• **Task objective**
Search the records for the string "contexts", then copy each line where it appears.

• **Source data**
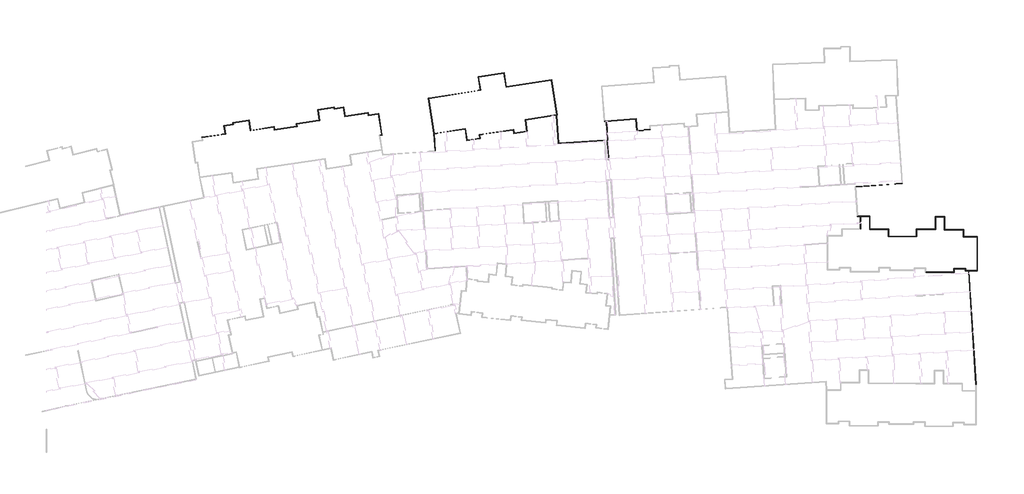
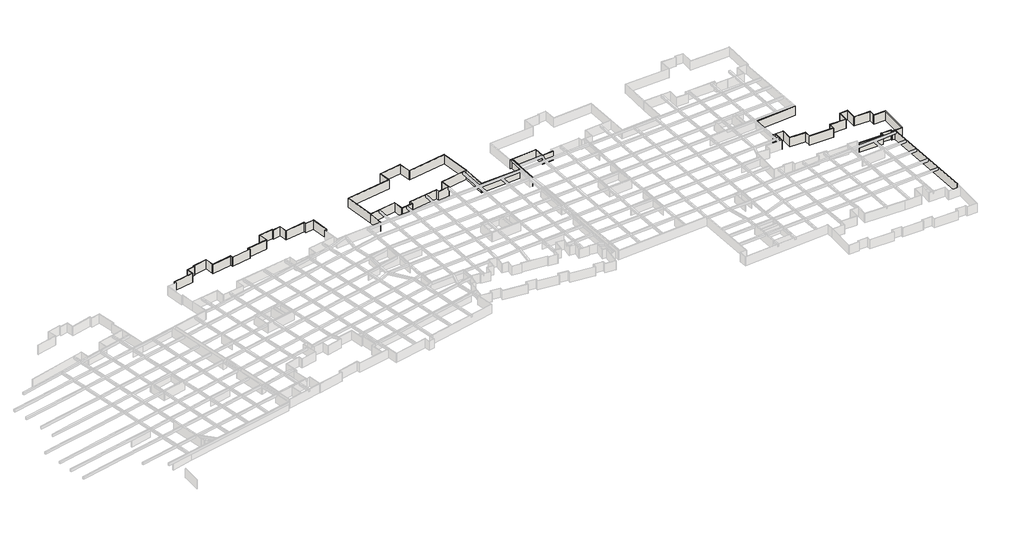
# One storey, part 6 of 14: 66 walls.
"""IFC4 building model written with IfcOpenShell, lengths in millimetres."""

from ifc_helpers import new_model, si_unit, origin, origin_with_axes, place, context, project, spatial, polyline, outline, extrude, faceted_brep, element, save

model = new_model("IFC4")

# Units and contexts
model_context = context("Model", 3, world=origin())
ifc_project = project(units=[si_unit("LENGTHUNIT", "METRE", prefix="MILLI")], contexts=[model_context])

# Site, building, storey
site = spatial("IfcSite", under=ifc_project)
building = spatial("IfcBuilding", under=site)
storey = spatial("IfcBuildingStorey", under=building, Name="户型图", Elevation=0.0)

# Walls
placement = place(None, origin())
element("IfcWall", 1, ObjectType="所有墙体", at=placement, inside=storey, context=model_context, shape_type="Brep", body=[
    faceted_brep([(-63852.357784, -149438.6682209, 0.0), (-63852.357784, -153118.7611434, 0.0), (-63852.357784, -153238.7611434, 0.0), (-63852.357784, -153238.7611434, 3300.0), (-63852.357784, -153118.7611434, 3300.0), (-63852.357784, -149438.6682209, 3300.0), (-63732.357784, -149438.6682209, 0.0), (-63732.357784, -149438.6682209, 3300.0), (-63732.357784, -153238.7611434, 3300.0), (-63732.357784, -153238.7611434, 0.0)], [[[0, 1, 2, 3, 4, 5]], [[6, 7, 8, 9]], [[2, 1, 0, 6, 9]], [[5, 4, 3, 8, 7]], [[3, 2, 9, 8]], [[0, 5, 7, 6]]]),
])
element("IfcWall", 2, ObjectType="所有墙体", at=placement, inside=storey, context=model_context, shape_type="Brep", body=[
    faceted_brep([(-44489.8483382, -166077.0504792, 0.0), (-36098.0374087, -166077.0504792, 0.0), (-36098.0374087, -166077.0504792, 3300.0), (-44489.8483382, -166077.0504792, 3300.0), (-44489.8483382, -165957.0504792, 0.0), (-44489.8483382, -165957.0504792, 3300.0), (-36218.0374087, -165957.0504792, 3300.0), (-36098.0374087, -165957.0504792, 3300.0), (-36098.0374087, -165957.0504792, 0.0), (-36218.0374087, -165957.0504792, 0.0)], [[[0, 1, 2, 3]], [[4, 5, 6, 7, 8, 9]], [[1, 0, 4, 9, 8]], [[3, 2, 7, 6, 5]], [[0, 3, 5, 4]], [[2, 1, 8, 7]]]),
])
element("IfcWall", 3, ObjectType="所有墙体", at=placement, inside=storey, context=model_context, shape_type="Brep", body=[
    faceted_brep([(-36098.0374087, -165957.0504792, 0.0), (-36098.0374087, -165032.3015604, 0.0), (-36098.0374087, -164912.3015604, 0.0), (-36098.0374087, -164817.0504792, 0.0), (-36098.0374087, -164817.0504792, 3300.0), (-36098.0374087, -164912.3015604, 3300.0), (-36098.0374087, -165032.3015604, 3300.0), (-36098.0374087, -165957.0504792, 3300.0), (-36218.0374087, -165957.0504792, 0.0), (-36218.0374087, -165957.0504792, 3300.0), (-36218.0374087, -164817.0504792, 3300.0), (-36218.0374087, -164817.0504792, 0.0)], [[[0, 1, 2, 3, 4, 5, 6, 7]], [[8, 9, 10, 11]], [[3, 2, 1, 0, 8, 11]], [[4, 3, 11, 10]], [[7, 6, 5, 4, 10, 9]], [[0, 7, 9, 8]]]),
])
element("IfcWall", 4, ObjectType="所有墙体", at=placement, inside=storey, context=model_context, shape_type="Brep", body=[
    faceted_brep([(-36098.0374087, -165032.3015604, 0.0), (-32810.647962, -165032.3015604, 0.0), (-32690.647962, -165032.3015604, 0.0), (-32690.647962, -165032.3015604, 3300.0), (-32810.647962, -165032.3015604, 3300.0), (-36098.0374087, -165032.3015604, 3300.0), (-36098.0374087, -164912.3015604, 0.0), (-36098.0374087, -164912.3015604, 3300.0), (-32690.647962, -164912.3015604, 3300.0), (-32690.647962, -164912.3015604, 0.0)], [[[0, 1, 2, 3, 4, 5]], [[6, 7, 8, 9]], [[2, 1, 0, 6, 9]], [[5, 4, 3, 8, 7]], [[0, 5, 7, 6]], [[3, 2, 9, 8]]]),
])
element("IfcWall", 5, ObjectType="所有墙体", at=placement, inside=storey, context=model_context, shape_type="Brep", body=[
    faceted_brep([(-32810.647962, -165032.3015604, 0.0), (-32810.647962, -165556.1428891, 0.0), (-32810.647962, -165556.1428891, 3300.0), (-32810.647962, -165032.3015604, 3300.0), (-32690.647962, -165032.3015604, 0.0), (-32690.647962, -165032.3015604, 3300.0), (-32690.647962, -165436.1428891, 3300.0), (-32690.647962, -165556.1428891, 3300.0), (-32690.647962, -165556.1428891, 0.0), (-32690.647962, -165436.1428891, 0.0)], [[[0, 1, 2, 3]], [[4, 5, 6, 7, 8, 9]], [[1, 0, 4, 9, 8]], [[3, 2, 7, 6, 5]], [[0, 3, 5, 4]], [[2, 1, 8, 7]]]),
])
element("IfcWall", 6, ObjectType="所有墙体", at=placement, inside=storey, context=model_context, shape_type="Brep", body=[
    faceted_brep([(-32690.647962, -165556.1428891, 0.0), (-31833.0771773, -165556.1428891, 0.0), (-31712.8241848, -165556.1428891, 0.0), (-29194.2257868, -165556.1428891, 0.0), (-29194.2257868, -165556.1428891, 3300.0), (-31712.8241848, -165556.1428891, 3300.0), (-31833.0771773, -165556.1428891, 3300.0), (-32690.647962, -165556.1428891, 3300.0), (-32690.647962, -165436.1428891, 0.0), (-32690.647962, -165436.1428891, 3300.0), (-29314.2257868, -165436.1428891, 3300.0), (-29194.2257868, -165436.1428891, 3300.0), (-29194.2257868, -165436.1428891, 0.0), (-29314.2257868, -165436.1428891, 0.0)], [[[0, 1, 2, 3, 4, 5, 6, 7]], [[8, 9, 10, 11, 12, 13]], [[3, 2, 1, 0, 8, 13, 12]], [[7, 6, 5, 4, 11, 10, 9]], [[0, 7, 9, 8]], [[4, 3, 12, 11]]]),
])
element("IfcWall", 7, ObjectType="所有墙体", at=placement, inside=storey, context=model_context, shape_type="Brep", body=[
    faceted_brep([(-29194.2257868, -165436.1428891, 0.0), (-29194.2257868, -155436.1428891, 0.0), (-29194.2257868, -155436.1428891, 3300.0), (-29194.2257868, -165436.1428891, 3300.0), (-29314.2257868, -165436.1428891, 0.0), (-29314.2257868, -165436.1428891, 3300.0), (-29314.2257868, -155556.1428891, 3300.0), (-29314.2257868, -155436.1428891, 3300.0), (-29314.2257868, -155436.1428891, 0.0), (-29314.2257868, -155556.1428891, 0.0)], [[[0, 1, 2, 3]], [[4, 5, 6, 7, 8, 9]], [[1, 0, 4, 9, 8]], [[3, 2, 7, 6, 5]], [[0, 3, 5, 4]], [[2, 1, 8, 7]]]),
])
element("IfcWall", 8, ObjectType="所有墙体", at=placement, inside=storey, context=model_context, shape_type="Brep", body=[
    faceted_brep([(-29314.2257868, -155436.1428891, 0.0), (-33294.2257868, -155436.1428891, 0.0), (-33414.2257868, -155436.1428891, 0.0), (-33414.2257868, -155436.1428891, 3300.0), (-33294.2257868, -155436.1428891, 3300.0), (-29314.2257868, -155436.1428891, 3300.0), (-29314.2257868, -155556.1428891, 0.0), (-29314.2257868, -155556.1428891, 3300.0), (-33414.2257868, -155556.1428891, 3300.0), (-33414.2257868, -155556.1428891, 0.0)], [[[0, 1, 2, 3, 4, 5]], [[6, 7, 8, 9]], [[2, 1, 0, 6, 9]], [[5, 4, 3, 8, 7]], [[0, 5, 7, 6]], [[3, 2, 9, 8]]]),
])
element("IfcWall", 9, ObjectType="所有墙体", at=placement, inside=storey, context=model_context, shape_type="Brep", body=[
    faceted_brep([(-33294.2257868, -155436.1428891, 0.0), (-33294.2257868, -153331.6259677, 0.0), (-33294.2257868, -153331.6259677, 3300.0), (-33294.2257868, -155436.1428891, 3300.0), (-33414.2257868, -155436.1428891, 0.0), (-33414.2257868, -155436.1428891, 3300.0), (-33414.2257868, -153451.6259677, 3300.0), (-33414.2257868, -153331.6259677, 3300.0), (-33414.2257868, -153331.6259677, 0.0), (-33414.2257868, -153451.6259677, 0.0)], [[[0, 1, 2, 3]], [[4, 5, 6, 7, 8, 9]], [[1, 0, 4, 9, 8]], [[3, 2, 7, 6, 5]], [[0, 3, 5, 4]], [[2, 1, 8, 7]]]),
])
element("IfcWall", 10, ObjectType="所有墙体", at=placement, inside=storey, context=model_context, shape_type="Brep", body=[
    faceted_brep([(-33414.2257868, -153331.6259677, 0.0), (-38859.8129577, -153331.6259677, 0.0), (-38979.8129577, -153331.6259677, 0.0), (-38979.8129577, -153331.6259677, 3300.0), (-38859.8129577, -153331.6259677, 3300.0), (-33414.2257868, -153331.6259677, 3300.0), (-33414.2257868, -153451.6259677, 0.0), (-33414.2257868, -153451.6259677, 3300.0), (-38979.8129577, -153451.6259677, 3300.0), (-38979.8129577, -153451.6259677, 0.0)], [[[0, 1, 2, 3, 4, 5]], [[6, 7, 8, 9]], [[2, 1, 0, 6, 9]], [[5, 4, 3, 8, 7]], [[0, 5, 7, 6]], [[3, 2, 9, 8]]]),
])
element("IfcWall", 11, ObjectType="所有墙体", at=placement, inside=storey, context=model_context, shape_type="Brep", body=[
    faceted_brep([(-38859.8129577, -153331.6259677, 0.0), (-38859.8129577, -149531.6259677, 0.0), (-38859.8129577, -149531.6259677, 3300.0), (-38859.8129577, -153331.6259677, 3300.0), (-38979.8129577, -153331.6259677, 0.0), (-38979.8129577, -153331.6259677, 3300.0), (-38979.8129577, -149651.6259677, 3300.0), (-38979.8129577, -149531.6259677, 3300.0), (-38979.8129577, -149531.6259677, 0.0), (-38979.8129577, -149651.6259677, 0.0)], [[[0, 1, 2, 3]], [[4, 5, 6, 7, 8, 9]], [[1, 0, 4, 9, 8]], [[3, 2, 7, 6, 5]], [[0, 3, 5, 4]], [[2, 1, 8, 7]]]),
])
element("IfcWall", 12, ObjectType="所有墙体", at=placement, inside=storey, context=model_context, shape_type="Brep", body=[
    faceted_brep([(-38979.8129577, -149531.6259677, 0.0), (-41679.8129577, -149531.6259677, 0.0), (-41679.8129577, -149531.6259677, 3300.0), (-38979.8129577, -149531.6259677, 3300.0), (-38979.8129577, -149651.6259677, 0.0), (-38979.8129577, -149651.6259677, 3300.0), (-41559.8129577, -149651.6259677, 3300.0), (-41679.8129577, -149651.6259677, 3300.0), (-41679.8129577, -149651.6259677, 0.0), (-41559.8129577, -149651.6259677, 0.0)], [[[0, 1, 2, 3]], [[4, 5, 6, 7, 8, 9]], [[1, 0, 4, 9, 8]], [[3, 2, 7, 6, 5]], [[0, 3, 5, 4]], [[2, 1, 8, 7]]]),
])
element("IfcWall", 13, ObjectType="所有墙体", at=placement, inside=storey, context=model_context, shape_type="Brep", body=[
    faceted_brep([(-41679.8129577, -149651.6259677, 0.0), (-41679.8129577, -153231.6259677, 0.0), (-41679.8129577, -153351.6259677, 0.0), (-41679.8129577, -153351.6259677, 3300.0), (-41679.8129577, -153231.6259677, 3300.0), (-41679.8129577, -149651.6259677, 3300.0), (-41559.8129577, -149651.6259677, 0.0), (-41559.8129577, -149651.6259677, 3300.0), (-41559.8129577, -153351.6259677, 3300.0), (-41559.8129577, -153351.6259677, 0.0)], [[[0, 1, 2, 3, 4, 5]], [[6, 7, 8, 9]], [[2, 1, 0, 6, 9]], [[5, 4, 3, 8, 7]], [[0, 5, 7, 6]], [[3, 2, 9, 8]]]),
])
element("IfcWall", 14, ObjectType="所有墙体", at=placement, inside=storey, context=model_context, shape_type="Brep", body=[
    faceted_brep([(-41679.8129577, -153231.6259677, 0.0), (-47279.8129577, -153231.6259677, 0.0), (-47279.8129577, -153231.6259677, 3300.0), (-41679.8129577, -153231.6259677, 3300.0), (-41679.8129577, -153351.6259677, 0.0), (-41679.8129577, -153351.6259677, 3300.0), (-47159.8129577, -153351.6259677, 3300.0), (-47279.8129577, -153351.6259677, 3300.0), (-47279.8129577, -153351.6259677, 0.0), (-47159.8129577, -153351.6259677, 0.0)], [[[0, 1, 2, 3]], [[4, 5, 6, 7, 8, 9]], [[1, 0, 4, 9, 8]], [[3, 2, 7, 6, 5]], [[0, 3, 5, 4]], [[2, 1, 8, 7]]]),
])
element("IfcWall", 15, ObjectType="所有墙体", at=placement, inside=storey, context=model_context, shape_type="Brep", body=[
    faceted_brep([(-47279.8129577, -153351.6259677, 0.0), (-47279.8129577, -155331.6259677, 0.0), (-47279.8129577, -155451.6259677, 0.0), (-47279.8129577, -155451.6259677, 3300.0), (-47279.8129577, -155331.6259677, 3300.0), (-47279.8129577, -153351.6259677, 3300.0), (-47159.8129577, -153351.6259677, 0.0), (-47159.8129577, -153351.6259677, 3300.0), (-47159.8129577, -155451.6259677, 3300.0), (-47159.8129577, -155451.6259677, 0.0)], [[[0, 1, 2, 3, 4, 5]], [[6, 7, 8, 9]], [[2, 1, 0, 6, 9]], [[5, 4, 3, 8, 7]], [[0, 5, 7, 6]], [[3, 2, 9, 8]]]),
])
element("IfcWall", 16, ObjectType="所有墙体", at=placement, inside=storey, context=model_context, shape_type="Brep", body=[
    faceted_brep([(-47279.8129577, -155331.6259677, 0.0), (-55524.2068249, -155331.6259677, 0.0), (-55644.2068249, -155331.6259677, 0.0), (-55644.2068249, -155331.6259677, 3300.0), (-55524.2068249, -155331.6259677, 3300.0), (-47279.8129577, -155331.6259677, 3300.0), (-47279.8129577, -155451.6259677, 0.0), (-47279.8129577, -155451.6259677, 3300.0), (-55644.2068249, -155451.6259677, 3300.0), (-55644.2068249, -155451.6259677, 0.0)], [[[0, 1, 2, 3, 4, 5]], [[6, 7, 8, 9]], [[2, 1, 0, 6, 9]], [[5, 4, 3, 8, 7]], [[0, 5, 7, 6]], [[3, 2, 9, 8]]]),
])
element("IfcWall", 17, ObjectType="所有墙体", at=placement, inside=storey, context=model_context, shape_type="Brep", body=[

• **Solution for this exercise**
# Units and contexts
ifc_project = project(units=[si_unit("LENGTHUNIT", "METRE", prefix="MILLI")], contexts=[model_context])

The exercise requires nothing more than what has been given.